▼▼▼
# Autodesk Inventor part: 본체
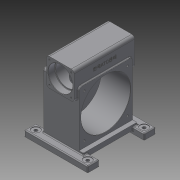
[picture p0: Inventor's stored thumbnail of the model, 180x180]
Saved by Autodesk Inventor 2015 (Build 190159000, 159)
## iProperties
Created: 2025-06
Part Number: 본체
Material: 일반
Document SubType Name: Modeling
Designer: User
Density: 1 g/cm^3
Appearance: 기본값
Author: User
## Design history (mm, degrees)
sketch "스케치2"
  geometry: L1 (93, -103)-(-93, -103); L2 (-93, -103)-(-93, 103); L3 (-93, 103)-(93, 103); L4 (93, 103)-(93, -103); L5 (93, -103)-(-93, 103); L6 (-93, -103)-(93, 103); 1 further point
  constraints: 12 end point, 2 midpoint, 2 parallel, 1 horizontal, 1 perpendicular
  dimensions: "d0" = 186 distance of L2.end L3.end; "d1" = 206 distance of L1.end L2.end
extrude "돌출1" new body sketch "스케치2" distance "d2" = 55; taper "d3" = 0 deg; dims "d48" = 70, "d49" = 0
sketch "스케치4"
  geometry: L1 (46, 158)-(-50, 158); L2 (-50, 158)-(-50, 62); L3 (-50, 62)-(46, 62); L4 (46, 62)-(46, 158); L5 (46, 158)-(-50, 62); L6 (-50, 158)-(46, 62); L7 (70, 103)-(70, -103) reference; L8 (70, -103)-(-55, -103) reference; L9 (-55, -103)-(-55, 103) reference; L10 (-55, 103)-(70, 103) reference; 2 further points
  constraints: 12 end point, 2 midpoint, 2 parallel, 1 horizontal, 1 perpendicular
  dimensions: "d6" = 96 distance of L3.end L2.end; "d7" = 96 distance of L2.end L1.end; "d9" = 5 distance between parallel lines of L9 L2; "d72" = 261 distance between parallel lines of L8 L1
extrude "돌출2" join sketch "스케치4" stored distance "d10" = 210; taper "d11" = 0 deg
sketch "스케치9"
  geometry: L1 (50, 158)-(-46, 158) reference; L2 (50, 62)-(50, 158) reference; C1 r 42.5 at (2, 110); 3 further points
  constraints: 2 midpoint, 1 centre point, 1 horizontal alignment, 1 vertical alignment
  dimensions: "d21" = 85 diameter of C1
extrude "돌출6" cut sketch "스케치9" distance "d22" = 23; taper "d23" = 0 deg
sketch "스케치10"
  geometry: C1 r 42.5 at (0, 0) reference; C2 r 38.5 at (0, 0); 1 further point
  constraints: 1 centre point, 1 coincident
  dimensions: "d24" = 77 diameter of C2
extrude "돌출7" cut sketch "스케치10" stored distance "d25" = 0; taper "d26" = 0 deg
sketch "스케치11"
  geometry: C1 r 38.5 at (2, -110) reference; C2 r 42.5 at (2, -110); 1 further point
  constraints: 1 centre point, 1 coincident
  dimensions: "d27" = 85 diameter of C2
extrude "돌출8" cut sketch "스케치11" distance "d28" = 23; taper "d29" = 0 deg
node "작업 평면3"
sketch "스케치16"
  geometry: L1 (165, -211)-(-55, -211); L2 (-55, -211)-(-55, -171); L3 (-55, -171)-(165, -171); L4 (165, -171)-(165, -211); 2 further points
  constraints: 8 end point, 2 parallel, 1 horizontal, 1 midpoint, 1 perpendicular, 1 vertical alignment
  dimensions: "d58" = 40 distance between parallel lines of L3 L1; "d59" = 220 distance between parallel lines of L4 L2; "d60" = 118 distance of point (55, -93) point (55, -211)
extrude "돌출11" join sketch "스케치16" distance "d61" = 20; taper "d62" = 0 deg
sketch "스케치20"
  geometry: L1 (0, -171)-(55, -171) reference; L2 (55, -171)-(55, -211) reference; L3 (55, -211)-(-165, -211) reference; L4 (-165, -211)-(-165, -171) reference; L5 (-165, -171)-(-125, -171) reference; L6 (-125, -186)-(-125, -171) reference; L7 (0, -186)-(-125, -186) reference; L8 (0, -171)-(0, -186) reference; L9 (0, 0)-(0, -171) reference; L10 (-125, 0)-(0, 0) reference; L11 (-125, -171)-(-125, 0) reference; 2 further points
  dimensions: "d63" = 98 vertical distance of point (-55, -93) point (35, -191); "d64" = 90 horizontal distance of point (-55, -93) point (35, -191)
hole "구멍2" sketch "스케치20" at (35, -191) diameter "d65" = 11; stored, may be unused: countersink angle "d69" = 90 deg, drill point angle "d71" = 118 deg; dims "d66" = 6, "d67" = 28, "d68" = 2, "d70" = 8
sketch "스케치25"
  geometry: L1 (0, 0)-(0, 156) reference; L2 (0, -15)-(-15, -15); L3 (-15, -15)-(-15, 171); L4 (-15, 171)-(0, 171); L5 (0, 171)-(0, -15); 3 further points
  constraints: 8 end point, 2 midpoint, 2 parallel, 1 coincident, 1 horizontal, 1 horizontal alignment, 1 perpendicular
  dimensions: "d74" = 15 distance of L3.end L4.end; "d75" = 186 distance between parallel lines of L2 L4
extrude "돌출12" join sketch "스케치25" distance "d76" = 17; taper "d77" = 0 deg
sketch "스케치26"
  geometry: L1 (113, -118)-(113, -78) reference; C1 r 86 at (-10, 0); 1 further point
  constraints: 1 centre point, 1 horizontal alignment
  dimensions: "d78" = 123 distance from line of L1 C1.centre; "d79" = 172 diameter of C1
extrude "돌출13" cut sketch "스케치26" distance "d80" = 102; taper "d81" = 0 deg
sketch "스케치28"
  geometry: C1 r 86 at (0, 0) reference; C2 r 31 at (0, 0); 1 further point
  constraints: 1 centre point, 1 coincident
  dimensions: "d82" = 62 diameter of C2
extrude "돌출14" cut sketch "스케치28" distance "d83" = 16; taper "d84" = 0 deg
sketch "스케치29"
  geometry: C1 r 31 at (0, 0) reference; C2 r 27 at (0, 0); 1 further point
  constraints: 1 centre point, 1 coincident
  dimensions: "d85" = 54 diameter of C2
extrude "돌출15" cut sketch "스케치29" distance "d86" = 3; taper "d87" = 0 deg
fillet "모깎기3" dims "d90" = 10
fillet "모깎기4" dims "d91" = 10
fillet "모깎기5" dims "d92" = 3
sketch "스케치30"
  geometry: A1 r 10 centre (-36, 72) between (-46, 72) and (-36, 62) reference; A2 r 10 centre (40, 72) between (40, 62) and (50, 72) reference; A3 r 10 centre (40, 148) between (50, 148) and (40, 158) reference; A4 r 10 centre (-36, 148) between (-36, 158) and (-46, 148) reference; 1 further point
hole "구멍3" sketch "스케치30" at (-36, 148), (40, 148), (40, 72), (-36, 72) diameter "d93" = 4.917; stored, may be unused: countersink angle "d97" = 90 deg, drill point angle "d99" = 118 deg; dims "d94" = 12, "d95" = 28, "d96" = 2, "d98" = 14
sketch "스케치32"
  geometry: L1 (65, 75)-(-85, 75); L2 (-85, 75)-(-85, -75); L3 (-85, -75)-(65, -75); L4 (65, -75)-(65, 75); L5 (65, 75)-(-85, -75); L6 (-85, 75)-(65, -75); C1 r 86 at (-10, 0) reference; 2 further points
  constraints: 12 end point, 3 midpoint, 2 parallel, 1 coincident, 1 horizontal, 1 perpendicular
  dimensions: "d113" = 150 distance of L3.end L2.end; "d114" = 150 distance of L2.end L1.end
hole "구멍5" sketch "스케치32" at (-85, -75), (-85, 75), (65, 75), (65, -75) diameter "d115" = 6.647; stored, may be unused: countersink angle "d119" = 90 deg, drill point angle "d121" = 118 deg; dims "d116" = 16, "d117" = 28, "d118" = 2, "d120" = 18
fillet "모깎기6" dims "d122" = 3
fillet "모깎기7" dims "d123" = 3
fillet "모깎기8" dims "d124" = 3
fillet "모깎기9" dims "d125" = 3
fillet "모깎기10" dims "d126" = 3
sketch "스케치33"
  geometry: L1 (-10, 210)-(-10, 0) reference; 2 further points
  constraints: 1 other
  dimensions: "d127" = 30 distance from line of L1 point (20, 106.005)
feature "엠보싱1" sketch "스케치33" dims "d128" = 0.5, "d129" = 0
fillet "모깎기11" dims "d130" = 1
chamfer "모따기1" distance "d131" = 1; stored, may be unused: second distance "d132" = 2, angle "d133" = 45 deg
fillet "모깎기12" dims "d134" = 3
fillet "모깎기13" dims "d135" = 3
chamfer "모따기2" distance "d136" = 1; stored, may be unused: second distance "d137" = 2, angle "d138" = 45 deg
fillet "모깎기14" dims "d139" = 1.1
node "솔리드1"
mirror "대칭3"
mirror "대칭4"
mirror "대칭5"
node "절단 모서리 투영1"
node "절단 모서리 투영4"
▲▲▲
### Brief
When a line in the records holds the string "midpoint", copy that line.

### Output
  constraints: 12 end point, 2 midpoint, 2 parallel, 1 horizontal, 1 perpendicular
  constraints: 12 end point, 2 midpoint, 2 parallel, 1 horizontal, 1 perpendicular
  constraints: 2 midpoint, 1 centre point, 1 horizontal alignment, 1 vertical alignment
  constraints: 8 end point, 2 parallel, 1 horizontal, 1 midpoint, 1 perpendicular, 1 vertical alignment
  constraints: 8 end point, 2 midpoint, 2 parallel, 1 coincident, 1 horizontal, 1 horizontal alignment, 1 perpendicular
  constraints: 12 end point, 3 midpoint, 2 parallel, 1 coincident, 1 horizontal, 1 perpendicular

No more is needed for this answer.